To be moved between compute nodes, objects must be one of the following types:

Be an instance of a class that inherits from SpAbstractSerializable
Supports getRawDataSize , getRawData and restoreRawData methods, which will be used to extract the data to send and restore it.
Be a POD type (well, having is_standard_layout_v and is_trivial_v returning true, which means having a pointer in a structure won’t be detected and could be a problem).
Let be a vector of the types defined in 1, 2 or 3. It is the SpGetSerializationType function that performs the detection and assigns the corresponding SpSerializationType value to each object. Detection is carried out in the order written above.

For examples, see the unit tests under UTests/MPI.

Type 3 - PODs

For built-in and POD types, these methods work automatically:

SpTaskGraph<SpSpeculativeModel::SP_NO_SPEC> tg;
int a = 1;
integer b = 0;
...
tg.mpiSend(b, 1, 0);
tg.mpiRecv(b, 1, 1);

Type 1 - SpAbstractSerializable

However, user-defined types must allow support for MPI serialization and deserialization.
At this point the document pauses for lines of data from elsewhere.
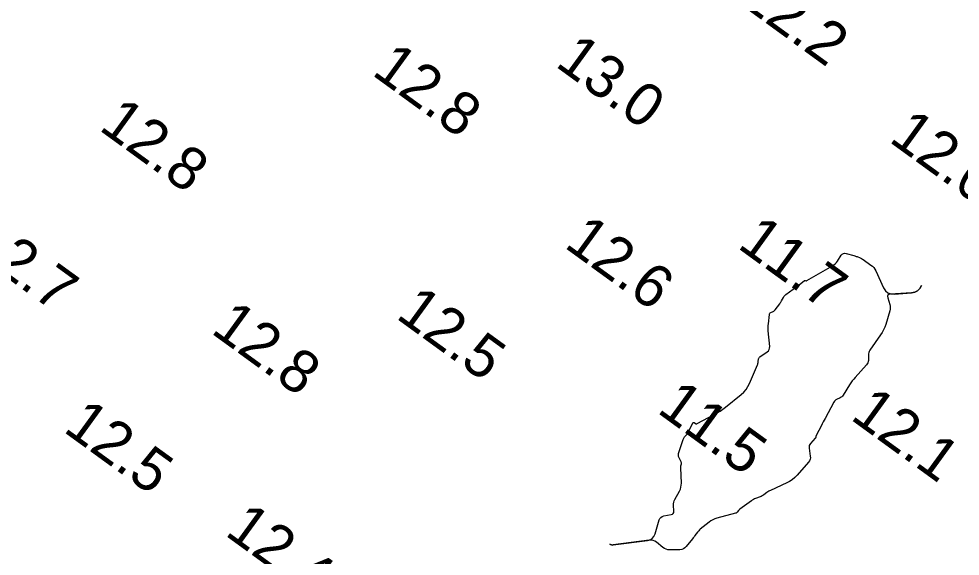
# Model space of a CAD drawing. Extents: x 815352 to 820877, y 582403 to 597439.
# Drawn here: x 818971.4 to 819081.8, y 587346.1 to 587409 of the extents above; entities that cross this region are included whole.
import ezdxf

# ---------------------------------------------------------------- set-up
doc = ezdxf.new("R2010")
doc.units = 0
doc.layers.add('V-CONT-EL12', color=7, linetype='Continuous')
doc.layers.add('V-TOPO-SOUN', color=7, linetype='Continuous')

msp = doc.modelspace()

# ---------------------------------------------------------------- linework, layer by layer
at = {"layer": 'V-CONT-EL12'}
msp.add_lwpolyline([(819069.41, 587381.23), (819069.5, 587381.2), (819069.59, 587381.17), (819069.68, 587381.14), (819070.04, 587380.99), (819070.13, 587380.95), (819070.21, 587380.91), (819070.3, 587380.86), (819070.38, 587380.8), (819071.31, 587380.15), (819071.49, 587380.01), (819071.64, 587379.86), (819071.76, 587379.68), (819071.87, 587379.49), (819072.79, 587377.5), (819073.01, 587377.15), (819073.29, 587376.91), (819073.63, 587376.78), (819074.04, 587376.76), (819076.06, 587376.9), (819076.45, 587376.98), (819076.77, 587377.14), (819077.02, 587377.4), (819077.21, 587377.74), (819077.02, 587377.4), (819076.77, 587377.14), (819076.45, 587376.98), (819076.06, 587376.9), (819073.56, 587376.73), (819073.39, 587376.69), (819073.29, 587376.61), (819073.25, 587376.49), (819073.27, 587376.31), (819073.5, 587375.54), (819073.55, 587375.35), (819073.56, 587375.16), (819073.55, 587374.97), (819073.5, 587374.78), (819073.03, 587373.19), (819072.92, 587372.86), (819072.78, 587372.55), (819072.62, 587372.25), (819072.44, 587371.97), (819071.18, 587370.17), (819071.1, 587370.04), (819071.05, 587369.9), (819071.02, 587369.76), (819071, 587369.61), (819071, 587368.99), (819070.98, 587368.84), (819070.94, 587368.7), (819070.88, 587368.58), (819070.79, 587368.46), (819069.46, 587367), (819069.28, 587366.79), (819069.11, 587366.58), (819068.95, 587366.35), (819068.79, 587366.12), (819068.03, 587364.9), (819067.97, 587364.81), (819067.89, 587364.73), (819067.8, 587364.66), (819067.7, 587364.6), (819067.28, 587364.4), (819067.19, 587364.35), (819067.1, 587364.28), (819067.03, 587364.2), (819066.97, 587364.1), (819065.93, 587362.18), (819065.82, 587361.97), (819065.71, 587361.77), (819065.6, 587361.57), (819065.5, 587361.36), (819064.89, 587360.18), (819064.88, 587360.16), (819064.87, 587360.13), (819064.86, 587360.1), (819064.85, 587360.07), (819064.83, 587359.96), (819064.82, 587359.93), (819064.81, 587359.91), (819064.79, 587359.88), (819064.78, 587359.86), (819064.22, 587359.24), (819064.13, 587359.12), (819064.08, 587359), (819064.06, 587358.86), (819064.06, 587358.72), (819064.2, 587357.78), (819064.21, 587357.59), (819064.18, 587357.4), (819064.11, 587357.23), (819063.99, 587357.06), (819062.64, 587355.53), (819062.37, 587355.26), (819062.08, 587355.01), (819061.77, 587354.8), (819061.43, 587354.63), (819059.53, 587353.76), (819059.43, 587353.7), (819059.32, 587353.65), (819059.22, 587353.58), (819059.12, 587353.52), (819058.74, 587353.24), (819058.64, 587353.17), (819058.54, 587353.11), (819058.44, 587353.06), (819058.33, 587353.01), (819057.77, 587352.8), (819057.64, 587352.75), (819057.52, 587352.68), (819057.4, 587352.61), (819057.29, 587352.54), (819055.95, 587351.56), (819055.9, 587351.52), (819055.86, 587351.48), (819055.81, 587351.44), (819055.78, 587351.39), (819055.62, 587351.21), (819055.59, 587351.17), (819055.54, 587351.13), (819055.49, 587351.1), (819055.44, 587351.09), (819053.25, 587350.49), (819053.01, 587350.41), (819052.77, 587350.3), (819052.55, 587350.18), (819052.34, 587350.02), (819051.3, 587349.2), (819051.21, 587349.12), (819051.13, 587349.03), (819051.05, 587348.95), (819050.97, 587348.85), (819050.68, 587348.46), (819050.61, 587348.37), (819050.54, 587348.27), (819050.46, 587348.18), (819050.39, 587348.08), (819049.66, 587347.17), (819049.51, 587347.01), (819049.33, 587346.9), (819049.13, 587346.83), (819048.9, 587346.8), (819047.75, 587346.79), (819047.51, 587346.8), (819047.3, 587346.86), (819047.09, 587346.95), (819046.9, 587347.08), (819046.17, 587347.69), (819045.98, 587347.82), (819045.77, 587347.9), (819045.56, 587347.94), (819045.33, 587347.93), (819041.09, 587347.36), (819040.98, 587347.35), (819040.88, 587347.37), (819040.78, 587347.41), (819040.69, 587347.46), (819040.78, 587347.41), (819040.88, 587347.37), (819040.98, 587347.35), (819041.09, 587347.36), (819045.1, 587347.9), (819045.42, 587347.98), (819045.68, 587348.13), (819045.87, 587348.36), (819046, 587348.66), (819046.5, 587350.29), (819046.58, 587350.46), (819046.69, 587350.6), (819046.84, 587350.7), (819047.02, 587350.76), (819047.89, 587350.93), (819048.03, 587350.98), (819048.14, 587351.06), (819048.19, 587351.18), (819048.21, 587351.34), (819048.17, 587352.03), (819048.18, 587352.2), (819048.2, 587352.36), (819048.25, 587352.52), (819048.32, 587352.67), (819048.87, 587353.68), (819048.97, 587353.9), (819049.04, 587354.13), (819049.08, 587354.36), (819049.09, 587354.61), (819049.03, 587356.39), (819049.03, 587356.45), (819049.03, 587356.51), (819049.04, 587356.57), (819049.04, 587356.63), (819049.09, 587356.87), (819049.09, 587356.93), (819049.09, 587356.99), (819049.08, 587357.05), (819049.06, 587357.1), (819048.79, 587357.64), (819048.75, 587357.74), (819048.73, 587357.85), (819048.73, 587357.96), (819048.76, 587358.08), (819049.29, 587359.72), (819049.33, 587359.8), (819049.37, 587359.88), (819049.41, 587359.96), (819049.47, 587360.03), (819049.71, 587360.31), (819049.76, 587360.38), (819049.81, 587360.45), (819049.86, 587360.53), (819049.91, 587360.61), (819050.44, 587361.66), (819050.46, 587361.7), (819050.5, 587361.72), (819050.53, 587361.72), (819050.57, 587361.7), (819050.74, 587361.59), (819050.79, 587361.57), (819050.83, 587361.57), (819050.88, 587361.57), (819050.92, 587361.59), (819052.94, 587362.65), (819053.28, 587362.84), (819053.62, 587363.05), (819053.94, 587363.28), (819054.26, 587363.52), (819056.09, 587364.98), (819056.4, 587365.26), (819056.67, 587365.57), (819056.89, 587365.92), (819057.08, 587366.29), (819058, 587368.48), (819058.03, 587368.56), (819058.06, 587368.64), (819058.08, 587368.73), (819058.09, 587368.81), (819058.13, 587369.15), (819058.15, 587369.23), (819058.19, 587369.3), (819058.23, 587369.36), (819058.3, 587369.41), (819059.14, 587369.99), (819059.29, 587370.11), (819059.38, 587370.25), (819059.43, 587370.42), (819059.44, 587370.61), (819059.27, 587372.43), (819059.25, 587372.64), (819059.25, 587372.85), (819059.26, 587373.06), (819059.28, 587373.27), (819059.4, 587374.36), (819059.42, 587374.44), (819059.45, 587374.5), (819059.5, 587374.55), (819059.56, 587374.59), (819059.85, 587374.72), (819059.92, 587374.76), (819059.98, 587374.8), (819060.04, 587374.86), (819060.09, 587374.92), (819060.61, 587375.62), (819060.67, 587375.71), (819060.73, 587375.8), (819060.79, 587375.89), (819060.84, 587375.98), (819061.04, 587376.37), (819061.1, 587376.46), (819061.16, 587376.54), (819061.24, 587376.62), (819061.32, 587376.69), (819062.19, 587377.31), (819062.33, 587377.41), (819062.47, 587377.51), (819062.6, 587377.61), (819062.74, 587377.72), (819063.49, 587378.31), (819063.51, 587378.33), (819063.54, 587378.34), (819063.56, 587378.34), (819063.59, 587378.34), (819063.7, 587378.32), (819063.72, 587378.31), (819063.75, 587378.32), (819063.77, 587378.32), (819063.8, 587378.33), (819066.8, 587380.07), (819066.97, 587380.18), (819067.12, 587380.3), (819067.25, 587380.45), (819067.37, 587380.61), (819067.82, 587381.3), (819067.93, 587381.43), (819068.07, 587381.51), (819068.22, 587381.54), (819068.39, 587381.52), (819069.31, 587381.26)], close=True, dxfattribs=at)

# ---------------------------------------------------------------- texts
at = {"layer": 'V-TOPO-SOUN'}
for s, p in [('12.2 ', (819055.69, 587410.9)), ('12.8 ', (819012.67, 587402.53)), ('13.0 ', (819034.17, 587403.53)), ('12.8 ', (818980.69, 587396.07)), ('12.0 ', (819073.28, 587394.7)), ('12.7 ', (818965.36, 587382.03)), ('12.6 ', (819035.22, 587382.32)), ('11.7 ', (819055.52, 587382.26)), ('12.5 ', (819015.49, 587374.02)), ('12.8 ', (818993.81, 587372.28)), ('11.5 ', (819046.1, 587362.97)), ('12.1 ', (819068.76, 587362.17)), ('12.5 ', (818976.51, 587360.73)), ('12.4 ', (818995.45, 587348.6))]:
    msp.add_text(s, height=5, rotation=324, dxfattribs=at).set_placement(p)

doc.saveas('drawing.dxf')

To do this, they must implement these steps.

Include "MPI/SpSerializer.hpp"
Make the class a public subclass of the SpAbstractSerializable class
Provide a constructor that takes as an argument a non-constant reference to SpDeserializer. This constructor makes it possible to construct an object of the class from deserialization.
Provide a public "serialize" method with a non-const reference to SpSerializer as an argument. This method serializes the object into the SpSerializer input object.